Wisconsin’s Final Fours: 2015

Wisconsin’s conquering of Kentucky

There has been only one Final Four in which all four No. 1 seeds reached college basketball’s ultimate weekend. The 2008 Final Four put Memphis, UCLA, Kansas, and North Carolina together in San Antonio. A few other Final Fours gathered three No. 1 seeds. One was 1993. Another was 2015, in which the Wisconsin Badgers were a No. 1 seed… and yet were the third-highest seed at that Final Four in Indianapolis. Wisconsin had to pack its road uniforms for Indy as a lower seed, wearing red for both the national semifinal against Kentucky and the title game against Duke.

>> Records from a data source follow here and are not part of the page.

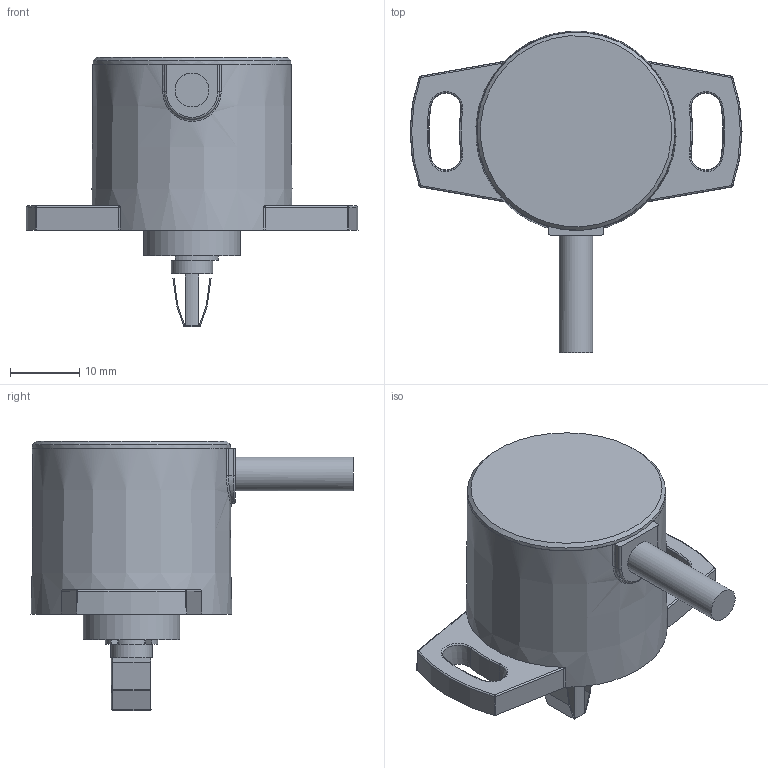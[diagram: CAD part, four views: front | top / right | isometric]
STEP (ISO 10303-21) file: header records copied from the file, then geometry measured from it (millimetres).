
FILE_DESCRIPTION(/* description */ ('Unknown','CAx-IF Rec.Pracs.---Representation and Presentation of Product Manufacturing Information (PMI)---4.0---2014-10-13','CAx-IF Rec.Pracs.---3D Tessellated Geometry---0.4---2014-09-14','2;1'),/* implementation_level */ '2;1');
FILE_NAME(/* name */ 'ASM_1_2023-EAM280_11144953 SEM-ST350-PULL-PUSH',/* time_stamp */ '2023-11-27T11:54:25+01:00',/* author */ ('Unknown'),/* organization */ ('Baumer'),/* preprocessor_version */ 'ST-DEVELOPER v16.7',/* originating_system */ 'Solid Edge',/* authorisation */ 'Unknown');
FILE_SCHEMA (('AP242_MANAGED_MODEL_BASED_3D_ENGINEERING_MIM_LF { 1 0 10303 442 1 1 4 }'));
Length unit declared in the file: millimetre
Products named in the file (1): Parte1
Bounding box: 48 x 46.56 x 39 mm (x, y, z)
Volume: 17856.8 mm3; surface area: 5582 mm2
Topology: 1 solids, 1 shells, 272 faces, 657 edges, 388 vertices
Faces by surface type: plane 74, cylinder 70, bspline 48, torus 41, cone 31, sphere 8
Full cylindrical faces by diameter (mm): 4.9 x2, 6 x2, 10 x1, 14 x1, 28.65 x1
Entity records: 10133 total; most frequent: CARTESIAN_POINT 2355, ORIENTED_EDGE 1240, DIRECTION 1193, EDGE_CURVE 620, AXIS2_PLACEMENT_3D 500, VERTEX_POINT 378, FACE_BOUND 306, EDGE_LOOP 305
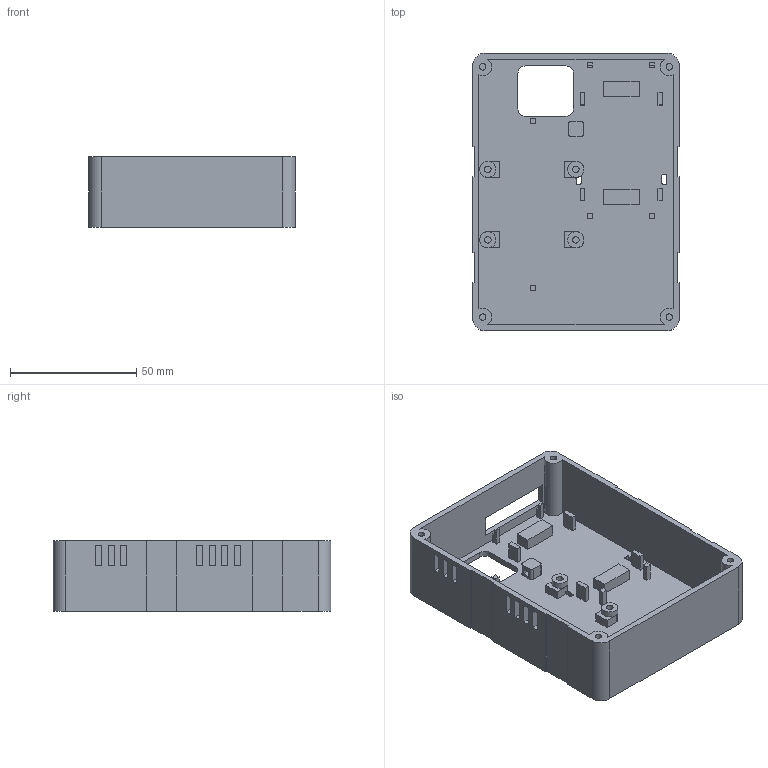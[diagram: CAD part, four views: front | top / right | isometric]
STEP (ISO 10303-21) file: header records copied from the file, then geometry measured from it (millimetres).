
FILE_DESCRIPTION(('Open CASCADE Model'),'2;1');
FILE_NAME('Open CASCADE Shape Model','2026-09-07T22:19:20',('Author'),( 'Open CASCADE'),'Open CASCADE STEP processor 7.9','build123d', 'Unknown');
FILE_SCHEMA(('AUTOMOTIVE_DESIGN { 1 0 10303 214 1 1 1 1 }'));
Length unit declared in the file: millimetre
Products named in the file (1): COMPOUND
Bounding box: 82 x 110 x 28 mm (x, y, z)
Volume: 46167.6 mm3; surface area: 39324.6 mm2
Topology: 1 solids, 1 shells, 229 faces, 595 edges, 394 vertices
Faces by surface type: plane 193, cylinder 36
Full cylindrical faces by diameter (mm): 2.6 x8, 6.4 x4
Entity records: 14533 total; most frequent: CARTESIAN_POINT 2993, DIRECTION 1968, LINE 1275, VECTOR 1275, ORIENTED_EDGE 1190, PCURVE 1190, DEFINITIONAL_REPRESENTATION 1190, EDGE_CURVE 595
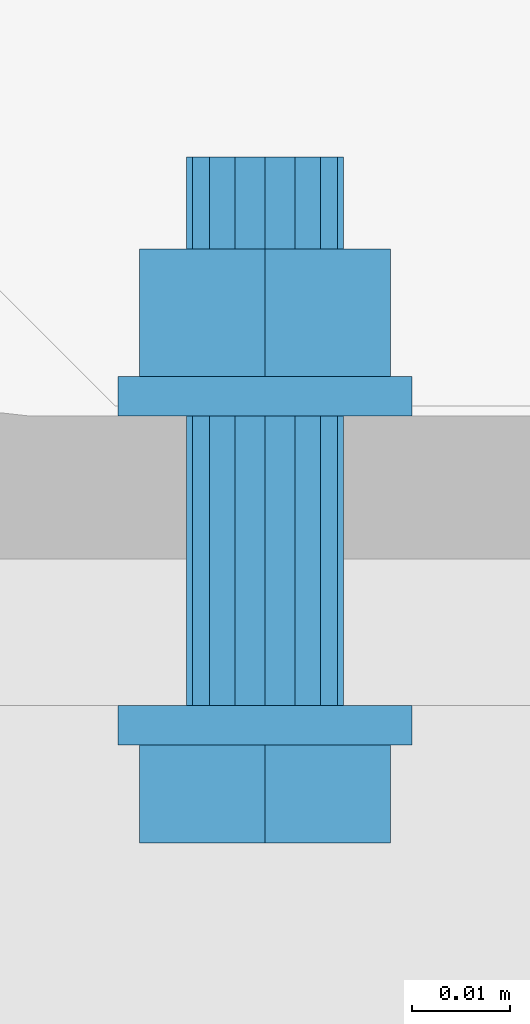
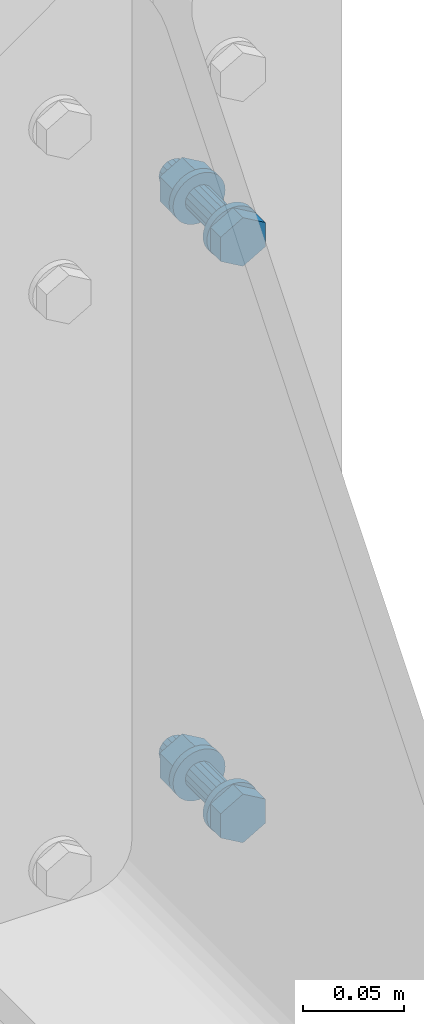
# Not in any storey, part 43 of 50: 2 mechanical fasteners.
"""IFC4 model written with IfcOpenShell, lengths in metres."""

from ifc_helpers import new_model, entity, si_unit, converted_unit, derived_unit, direction, origin, origin_with_axes, place, context, project, spatial, faceted_brep, element, save


model = new_model("IFC4")

# Units and contexts
model_context = context("Model", 3, precision=1e-05, world=origin(), true_north=direction((6.123233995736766e-17, 1.0)))
ifc_project = project(units=[si_unit("LENGTHUNIT", "METRE"), si_unit("AREAUNIT", "SQUARE_METRE"), converted_unit("PLANEANGLEUNIT", "DEGREE", entity("IfcPlaneAngleMeasure", 0.017453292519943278), si_unit("PLANEANGLEUNIT", "RADIAN"), dimensions=[0, 0, 0, 0, 0, 0, 0]), si_unit("VOLUMEUNIT", "CUBIC_METRE"), derived_unit("THERMALTRANSMITTANCEUNIT", [(si_unit("MASSUNIT", "GRAM", prefix="KILO"), 1), (si_unit("THERMODYNAMICTEMPERATUREUNIT", "KELVIN"), -1), (si_unit("TIMEUNIT", "SECOND"), -3)])], contexts=[model_context])

# Site
site_placement = place(None, origin())
site = spatial("IfcSite", under=ifc_project, at=site_placement, Name="Default", CompositionType="ELEMENT")

# Mechanical fasteners
mechanical_fastener_1_placement = place(site_placement, origin_with_axes())
element("IfcMechanicalFastener", 1, at=mechanical_fastener_1_placement, inside=site, ObjectType="Bolt#5", NominalDiameter=0.016, NominalLength=0.06, context=model_context, shape_type="Brep", body=[
    faceted_brep([(18.225144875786, 17.685767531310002, 5.795), (18.225144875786, 17.68976753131, 5.795), (18.22543309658, 17.68976753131, 5.79207364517), (18.22543309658, 17.685767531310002, 5.79207364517), (18.226286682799, 17.68976753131, 5.789259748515), (18.226286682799, 17.685767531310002, 5.789259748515), (18.227672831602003, 17.68976753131, 5.7866664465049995), (18.227672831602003, 17.685767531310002, 5.7866664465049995), (18.229538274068, 17.68976753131, 5.784393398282), (18.229538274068, 17.685767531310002, 5.784393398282), (18.231811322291, 17.68976753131, 5.782527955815), (18.231811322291, 17.685767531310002, 5.782527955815), (18.234404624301, 17.68976753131, 5.781141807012), (18.234404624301, 17.685767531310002, 5.781141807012), (18.237218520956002, 17.68976753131, 5.7802882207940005), (18.237218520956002, 17.685767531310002, 5.7802882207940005), (18.240144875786, 17.68976753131, 5.78), (18.240144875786, 17.685767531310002, 5.78), (18.243071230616, 17.68976753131, 5.7802882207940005), (18.243071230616, 17.685767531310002, 5.7802882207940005), (18.245885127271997, 17.68976753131, 5.781141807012), (18.245885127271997, 17.685767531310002, 5.781141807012), (18.248478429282, 17.68976753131, 5.782527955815), (18.248478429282, 17.685767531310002, 5.782527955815), (18.250751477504, 17.68976753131, 5.784393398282), (18.250751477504, 17.685767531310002, 5.784393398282), (18.252616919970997, 17.68976753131, 5.7866664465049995), (18.252616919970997, 17.685767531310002, 5.7866664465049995), (18.254003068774, 17.68976753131, 5.789259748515), (18.254003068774, 17.685767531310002, 5.789259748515), (18.254856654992, 17.68976753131, 5.79207364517), (18.254856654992, 17.685767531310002, 5.79207364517), (18.255144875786, 17.68976753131, 5.795), (18.255144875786, 17.685767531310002, 5.795), (18.254856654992, 17.68976753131, 5.7979263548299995), (18.254856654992, 17.685767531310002, 5.7979263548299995), (18.254003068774, 17.68976753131, 5.800740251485), (18.254003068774, 17.685767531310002, 5.800740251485), (18.252616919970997, 17.68976753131, 5.803333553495), (18.252616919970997, 17.685767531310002, 5.803333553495), (18.250751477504, 17.68976753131, 5.805606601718), (18.250751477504, 17.685767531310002, 5.805606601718), (18.248478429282, 17.68976753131, 5.807472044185), (18.248478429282, 17.685767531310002, 5.807472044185), (18.245885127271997, 17.68976753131, 5.8088581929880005), (18.245885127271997, 17.685767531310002, 5.8088581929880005), (18.243071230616, 17.68976753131, 5.809711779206), (18.243071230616, 17.685767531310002, 5.809711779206), (18.240144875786, 17.68976753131, 5.81), (18.240144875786, 17.685767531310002, 5.81), (18.237218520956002, 17.68976753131, 5.809711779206), (18.237218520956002, 17.685767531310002, 5.809711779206), (18.234404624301, 17.68976753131, 5.8088581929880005), (18.234404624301, 17.685767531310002, 5.8088581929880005), (18.231811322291, 17.68976753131, 5.807472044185), (18.231811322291, 17.685767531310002, 5.807472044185), (18.229538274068, 17.68976753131, 5.805606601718), (18.229538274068, 17.685767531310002, 5.805606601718), (18.227672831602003, 17.68976753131, 5.803333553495), (18.227672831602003, 17.685767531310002, 5.803333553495), (18.226286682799, 17.68976753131, 5.800740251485), (18.226286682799, 17.685767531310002, 5.800740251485), (18.22543309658, 17.68976753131, 5.7979263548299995), (18.22543309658, 17.685767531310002, 5.7979263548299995)], [[[0, 1, 2, 3]], [[3, 2, 4, 5]], [[5, 4, 6, 7]], [[7, 6, 8, 9]], [[9, 8, 10, 11]], [[11, 10, 12, 13]], [[13, 12, 14, 15]], [[15, 14, 16, 17]], [[17, 16, 18, 19]], [[19, 18, 20, 21]], [[21, 20, 22, 23]], [[23, 22, 24, 25]], [[25, 24, 26, 27]], [[27, 26, 28, 29]], [[29, 28, 30, 31]], [[31, 30, 32, 33]], [[33, 32, 34, 35]], [[35, 34, 36, 37]], [[37, 36, 38, 39]], [[39, 38, 40, 41]], [[41, 40, 42, 43]], [[43, 42, 44, 45]], [[45, 44, 46, 47]], [[47, 46, 48, 49]], [[49, 48, 50, 51]], [[51, 50, 52, 53]], [[53, 52, 54, 55]], [[55, 54, 56, 57]], [[57, 56, 58, 59]], [[59, 58, 60, 61]], [[61, 60, 62, 63]], [[63, 62, 1, 0]], [[0, 3, 5, 7, 9, 11, 13, 15, 17, 19, 21, 23, 25, 27, 29, 31, 33, 35, 37, 39, 41, 43, 45, 47, 49, 51, 53, 55, 57, 59, 61, 63]], [[1, 62, 60, 58, 56, 54, 52, 50, 48, 46, 44, 42, 40, 38, 36, 34, 32, 30, 28, 26, 24, 22, 20, 18, 16, 14, 12, 10, 8, 6, 4, 2]]]),
    faceted_brep([(18.252944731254, 17.685767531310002, 5.78761), (18.252944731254, 17.67576753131, 5.78761), (18.240144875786, 17.67576753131, 5.78022), (18.240144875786, 17.685767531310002, 5.78022), (18.227345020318, 17.67576753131, 5.78761), (18.227345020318, 17.685767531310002, 5.78761), (18.227345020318, 17.67576753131, 5.80239), (18.227345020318, 17.685767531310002, 5.80239), (18.240144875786, 17.67576753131, 5.80978), (18.240144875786, 17.685767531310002, 5.80978), (18.252944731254, 17.67576753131, 5.80239), (18.252944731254, 17.685767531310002, 5.80239)], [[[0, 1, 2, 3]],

This was a heavyweight Final Four, in part because Wisconsin had burnished its reputation with a 2014 Final Four appearance. The Badgers and Kentucky were both making back-to-back appearances at the Final Four in 2015 after meeting in the 2014 semifinals. If the 2014 Final Four had star power with Florida (owner of a 30-game winning streak), Connecticut (a 3-time national champion seeking its fourth crown), Kentucky, and Wisconsin, the 2015 Final Four owned even more sex appeal. Wisconsin was an even more established team with a stronger national reputation. Duke returned to the Final Four after a five-year absence, with Mike Krzyzewski seeking a fifth national championship. Michigan State — which had reached the Final Four in previous years as a mid-level seed — was the 7 seed no team wanted to play that year. Then, of course, Kentucky brought its 38-0 record and a supreme storyline to the Final Four.

Kentucky’s unbeaten record gave this Final Four the kind of buzz a previous Final Four in Indianapolis possessed. I am talking about the 1991 Final Four. Indy hosted, but it was the Hoosier Dome back then. In 2015, 24 years later, Lucas Oil Stadium was the scene for a main-event semifinal featuring an unbeaten team.

As in 1991, that unbeaten team left the court once beaten. Wisconsin ruined Kentucky’s dream much as Duke spoiled UNLV’s season nearly a quarter of a century earlier.

Kentucky made the 2015 Final Four hugely important within the larger workings of college basketball history. Wisconsin, with its upset, made the 2015 Final Four richly and profoundly memorable.

The Badgers have never forged a bigger college basketball moment in their history. Only a national title — one won in the media spotlight as opposed to their 1941 championship, forged in relative obscurity — will top what UW did in early April of 2015 against John Calipari and his crew.